Copy .env.example to .env and customize:
| Variable | Description | Default |
|---|---|---|
APP_ENV |
development or production |
development |
LLM_PROVIDER |
auto, ollama, or openai |
auto |
OLLAMA_MODEL |
Ollama model name | llama3.2 |
SCOPUS_API_KEY |
Free key from dev.elsevier.com | — |
OPENALEX_EMAIL |
Email for faster API rate limits | — |
CORS_ORIGINS |
Allowed frontend origins | * |
See .env.example for all options including rate limits and OpenAI fallback.

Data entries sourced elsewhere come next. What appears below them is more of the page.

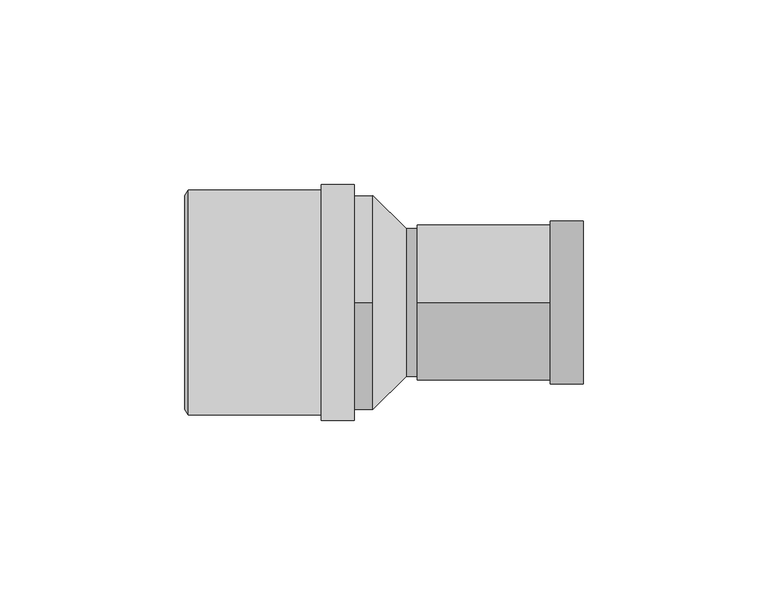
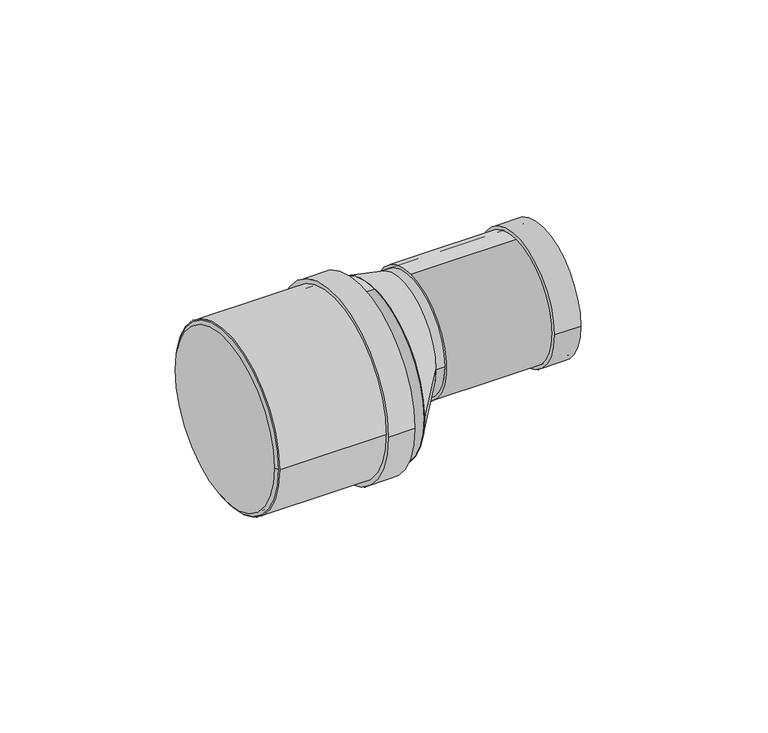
"""IFC4 building model written with IfcOpenShell, lengths in millimetres: pipe fitting geometry, Superdrain SK Reduction to HT : Superdrain SK Reduction to HT."""

from ifc_helpers import new_model, si_unit, point, frame, frame_2d, origin, origin_2d, place, context, project, spatial, polyline, circle_curve, trimmed, segment, composite_curve, outline, extrude, source, transform, mapped, element, save
from ifc_brep_helpers import plane_surface, revolved_surface, spline_surface, advanced_brep


def pipe_fitting_dc30568a(model_context):
    return source(origin(), model_context, "Body", "SolidModel", [
        extrude(outline(composite_curve([segment(trimmed(circle_curve(frame_2d((0.0, 0.1450234)), 30.45), [point((30.45, 0.1450234))], [point((-30.45, 0.1450234))], False, "CARTESIAN"), True, "CONTINUOUS"), segment(trimmed(circle_curve(frame_2d((0.0, 0.1450234)), 30.45), [point((-30.45, 0.1450234))], [point((30.45, 0.1450234))], False, "CARTESIAN"), True, "CONTINUOUS")], self_intersect=False), holes=[composite_curve([segment(trimmed(circle_curve(frame_2d((0.0, 0.1450234)), 29.0), [point((29.0, 0.1450234))], [point((-29.0, 0.1450234))], True, "CARTESIAN"), True, "CONTINUOUS"), segment(trimmed(circle_curve(frame_2d((0.0, 0.1450234)), 29.0), [point((-29.0, 0.1450234))], [point((29.0, 0.1450234))], True, "CARTESIAN"), True, "CONTINUOUS")], self_intersect=False)]), frame((-50.0, 0.0, 0.0), z_axis=(1.0, 0.0, 0.0), x_axis=(0.0, 1.0, 0.0)), (0.0, 0.0, 1.0), 45.0),
        extrude(outline(composite_curve([segment(trimmed(circle_curve(frame_2d((0.0, 0.1450234)), 31.9725), [point((31.9725, 0.1450234))], [point((-31.9725, 0.1450234))], False, "CARTESIAN"), True, "CONTINUOUS"), segment(trimmed(circle_curve(frame_2d((0.0, 0.1450234)), 31.9725), [point((-31.9725, 0.1450234))], [point((31.9725, 0.1450234))], False, "CARTESIAN"), True, "CONTINUOUS")], self_intersect=False), holes=[composite_curve([segment(trimmed(circle_curve(frame_2d((0.0, 0.1450234)), 29.0), [point((29.0, 0.1450234))], [point((-29.0, 0.1450234))], True, "CARTESIAN"), True, "CONTINUOUS"), segment(trimmed(circle_curve(frame_2d((0.0, 0.1450234)), 29.0), [point((-29.0, 0.1450234))], [point((29.0, 0.1450234))], True, "CARTESIAN"), True, "CONTINUOUS")], self_intersect=False)]), frame((-14.0, 0.0, 0.0), z_axis=(1.0, 0.0, 0.0), x_axis=(0.0, 1.0, 0.0)), (0.0, 0.0, 1.0), 9.0),
        advanced_brep(
        [(-51.0, 29.0, 0.1450234), (-51.0, -29.0, 0.1450234), (-50.0, 30.45, 0.1450234), (-50.0, -30.45, 0.1450234)],
        [
            (0, 1, circle_curve(frame((-51.0, 0.0, 0.1450234), z_axis=(-1.0, 0.0, 0.0), x_axis=(0.0, 1.0000000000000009, 0.0)), 29.0)),
            (1, 0, circle_curve(frame((-51.0, 0.0, 0.1450234), z_axis=(-1.0, 0.0, 0.0), x_axis=(0.0, -1.0000000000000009, 0.0)), 29.0)),
            (2, 3, circle_curve(frame((-50.0, 0.0, 0.1450234), z_axis=(1.0, 0.0, 0.0), x_axis=(0.0, -1.0000000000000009, 0.0)), 30.45)),
            (3, 2, circle_curve(frame((-50.0, 0.0, 0.1450234), z_axis=(1.0, 0.0, 0.0), x_axis=(0.0, 1.0000000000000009, 0.0)), 30.45)),
            (3, 1),
            (0, 2),
        ],
        [
            plane_surface(frame((-51.0, 0.0, 0.1450234), z_axis=(-1.0, 0.0, 0.0), x_axis=(0.0, 0.0, -1.0))),
            plane_surface(frame((-50.0, 0.0, 0.1450234), z_axis=(1.0, 0.0, 0.0), x_axis=(0.0, 0.0, -1.0))),
            revolved_surface(polyline([(-51.0, 28.999999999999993, 0.1450234), (-50.0, 30.45, 0.1450234)]), (-71.0, 0.0, 0.1450234), (1.0000000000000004, 0.0, 0.0)),
            revolved_surface(polyline([(-51.0, -28.999999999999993, 0.1450234), (-50.0, -30.45, 0.1450234)]), (-71.0, 0.0, 0.1450234), (1.0000000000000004, 0.0, 0.0)),
        ],
        [
            (0, [[1, 2]]),
            (1, [[3, 4]]),
            (2, [[-4, 5, -1, 6]]),
            (3, [[-3, -6, -2, -5]]),
        ],
    ),
        advanced_brep(
        [(9.0, -20.0, 9.0), (9.0, 20.0, 9.0), (0.0, -29.0, 0.0), (0.0, 29.0, 0.0)],
        [
            (0, 1, circle_curve(frame((9.0, 0.0, 9.0), z_axis=(1.0, 0.0, 0.0), x_axis=(0.0, 1.0, 0.0)), 20.0)),
            (1, 0, circle_curve(frame((9.0, 0.0, 9.0), z_axis=(1.0, 0.0, 0.0), x_axis=(0.0, 1.0, 0.0)), 20.0)),
            (2, 3, circle_curve(frame((0.0, 0.0, 0.0), z_axis=(-1.0, 0.0, 0.0), x_axis=(0.0, 1.0, 0.0)), 29.0)),
            (3, 2, circle_curve(frame((0.0, 0.0, 0.0), z_axis=(-1.0, 0.0, 0.0), x_axis=(0.0, 1.0, 0.0)), 29.0)),
            (3, 1),
            (0, 2),
        ],
        [
            plane_surface(frame((9.0, 0.0, 9.0), z_axis=(1.0, 0.0, 0.0), x_axis=(0.0, 0.0, -1.0))),
            plane_surface(frame((0.0, 0.0, 0.0), z_axis=(-1.0, 0.0, 0.0), x_axis=(0.0, 0.0, -1.0))),
            spline_surface(2, 1, [[(0.0, -29.0, 0.0), (9.0, -20.0, 9.0)], [(0.0, -29.0, -29.0), (9.0, -20.0, -11.0)], [(0.0, 0.0, -29.0), (9.0, 0.0, -11.0)], [(0.0, 29.0, -29.0), (9.0, 20.0, -11.0)], [(0.0, 29.0, 0.0), (9.0, 20.0, 9.0)]], [3, 2, 3], [2, 2], [0.0, 1.0, 2.0], [0.0, 1.0], weights=[[1.0, 1.0], [0.7071067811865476, 0.7071067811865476], [1.0, 1.0], [0.7071067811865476, 0.7071067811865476], [1.0, 1.0]]),
            spline_surface(2, 1, [[(0.0, 29.0, 0.0), (9.0, 20.0, 9.0)], [(0.0, 29.0, 29.0), (9.0, 20.0, 29.0)], [(0.0, 0.0, 29.0), (9.0, 0.0, 29.0)], [(0.0, -29.0, 29.0), (9.0, -20.0, 29.0)], [(0.0, -29.0, 0.0), (9.0, -20.0, 9.0)]], [3, 2, 3], [2, 2], [0.0, 1.0, 2.0], [0.0, 1.0], weights=[[1.0, 1.0], [0.7071067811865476, 0.7071067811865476], [1.0, 1.0], [0.7071067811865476, 0.7071067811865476], [1.0, 1.0]]),
        ],
        [
            (0, [[1, 2]]),
            (1, [[3, 4]]),
            (2, [[-4, 5, -1, 6]]),
            (3, [[-3, -6, -2, -5]]),
        ],
    ),
        extrude(outline(composite_curve([segment(trimmed(circle_curve(frame_2d((0.0, 9.0)), 20.0), [point((-20.0, 9.0))], [point((20.0, 9.0))], False, "CARTESIAN"), True, "CONTINUOUS"), segment(trimmed(circle_curve(frame_2d((0.0, 9.0)), 20.0), [point((20.0, 9.0))], [point((-20.0, 9.0))], False, "CARTESIAN"), True, "CONTINUOUS")], self_intersect=False)), frame((9.0, 0.0, 0.0), z_axis=(1.0, 0.0, 0.0), x_axis=(0.0, 1.0, 0.0)), (0.0, 0.0, 1.0), 3.0),
        extrude(outline(composite_curve([segment(trimmed(circle_curve(frame_2d((0.0, 9.0)), 22.05), [point((-22.05, 9.0))], [point((22.05, 9.0))], False, "CARTESIAN"), True, "CONTINUOUS"), segment(trimmed(circle_curve(frame_2d((0.0, 9.0)), 22.05), [point((22.05, 9.0))], [point((-22.05, 9.0))], False, "CARTESIAN"), True, "CONTINUOUS")], self_intersect=False), holes=[composite_curve([segment(trimmed(circle_curve(frame_2d((0.0, 9.0)), 20.0), [point((20.0, 9.0))], [point((-20.0, 9.0))], True, "CARTESIAN"), True, "CONTINUOUS"), segment(trimmed(circle_curve(frame_2d((0.0, 9.0)), 20.0), [point((-20.0, 9.0))], [point((20.0, 9.0))], True, "CARTESIAN"), True, "CONTINUOUS")], self_intersect=False)]), frame((48.0, 0.0, 0.0), z_axis=(1.0, 0.0, 0.0), x_axis=(0.0, 1.0, 0.0)), (0.0, 0.0, 1.0), 9.0),
        extrude(outline(composite_curve([segment(trimmed(circle_curve(frame_2d((0.0, 9.0)), 21.0), [point((0.0, 30.0))], [point((0.0, -12.0))], False, "CARTESIAN"), True, "CONTINUOUS"), segment(trimmed(circle_curve(frame_2d((0.0, 9.0)), 21.0), [point((0.0, -12.0))], [point((0.0, 30.0))], False, "CARTESIAN"), True, "CONTINUOUS")], self_intersect=False), holes=[composite_curve([segment(trimmed(circle_curve(frame_2d((0.0, 9.0)), 20.0), [point((20.0, 9.0))], [point((-20.0, 9.0))], True, "CARTESIAN"), True, "CONTINUOUS"), segment(trimmed(circle_curve(frame_2d((0.0, 9.0)), 20.0), [point((-20.0, 9.0))], [point((20.0, 9.0))], True, "CARTESIAN"), True, "CONTINUOUS")], self_intersect=False)]), frame((12.0, 0.0, 0.0), z_axis=(1.0, 0.0, 0.0), x_axis=(0.0, 1.0, 0.0)), (0.0, 0.0, 1.0), 45.0),
        extrude(outline(composite_curve([segment(trimmed(circle_curve(origin_2d(), 29.0), [point((0.0, 29.0))], [point((0.0, -29.0))], False, "CARTESIAN"), True, "CONTINUOUS"), segment(trimmed(circle_curve(origin_2d(), 29.0), [point((0.0, -29.0))], [point((0.0, 29.0))], False, "CARTESIAN"), True, "CONTINUOUS")], self_intersect=False)), frame((-50.0, 0.0, 0.0), z_axis=(1.0, 0.0, 0.0), x_axis=(0.0, 1.0, 0.0)), (0.0, 0.0, 1.0), 50.0),
    ])


if __name__ == "__main__":
    model = new_model("IFC4")
    model_context = context("Model", 3, world=origin())
    ifc_project = project(units=[si_unit("LENGTHUNIT", "METRE", prefix="MILLI")], contexts=[model_context])
    site = spatial("IfcSite", under=ifc_project)
    building = spatial("IfcBuilding", under=site)
    placement = place(None, origin())
    pipe_fitting_shape = pipe_fitting_dc30568a(model_context)
    element("IfcPipeFitting", 1, ObjectType="Superdrain SK Reduction to HT : Superdrain SK Reduction to HT", at=placement, inside=building, context=model_context, shape_type="MappedRepresentation", body=[
        mapped(pipe_fitting_shape, transform((0.0, 0.0, 0.0), x_axis=(1.0, 0.0, 0.0), y_axis=(0.0, 1.0, 0.0), z_axis=(0.0, 0.0, 1.0))),
    ])
    save(model, "model.ifc")

| Method | Endpoint | Description | Rate Limit |
|---|---|---|---|
GET |
/search |
Search papers with hybrid ranking | 30/min |
GET |
/scopus/check |
Check Scopus indexing by DOI | 20/min |
POST |
/summarize |
AI paper summary (Ollama/OpenAI) | 10/min |
POST |
/cite |
Generate BibTeX or APA citation | 30/min |
POST |
/cite/batch |
Batch citation export | 5/min |
GET |
/export |
Export results to Excel (.xlsx) | 5/min |
GET |
/trending |
Publication trends by field | 30/min |
GET |
/health |
System status & feature availability | 60/min |
- Backend: Python 3, FastAPI, slowapi (rate limiting)
- Frontend: Next.js, TypeScript, Tailwind CSS, shadcn/ui, Lucide Icons
- AI: Ollama + Llama 3 (local, free) · OpenAI (optional fallback)
- Data: OpenAlex API (260M+ works) · Scopus API (indexing verification)
For production, set in .env:
APP_ENV=production
CORS_ORIGINS=https://your-domain.comProduction mode enables:
- Security headers (HSTS, X-Frame-Options, CSP)
- API docs hidden
- Binds to
0.0.0.0for reverse proxy / tunnel access - Structured logging with request timing
All paper metadata comes from OpenAlex — a free, open catalog of 260M+ scholarly works maintained by a nonprofit. Data is sourced from Crossref, PubMed, DOAJ, and publisher feeds. Every paper has a verifiable DOI.
AI summaries are the only generated content and are clearly labeled. Paper metadata is never hallucinated.
Citation: Priem, J., Piwowar, H., & Orr, R. (2022). OpenAlex: A fully-open index of scholarly works, authors, venues, institutions, and concepts. ArXiv. https://arxiv.org/abs/2205.01833
MIT — free for academic and commercial use.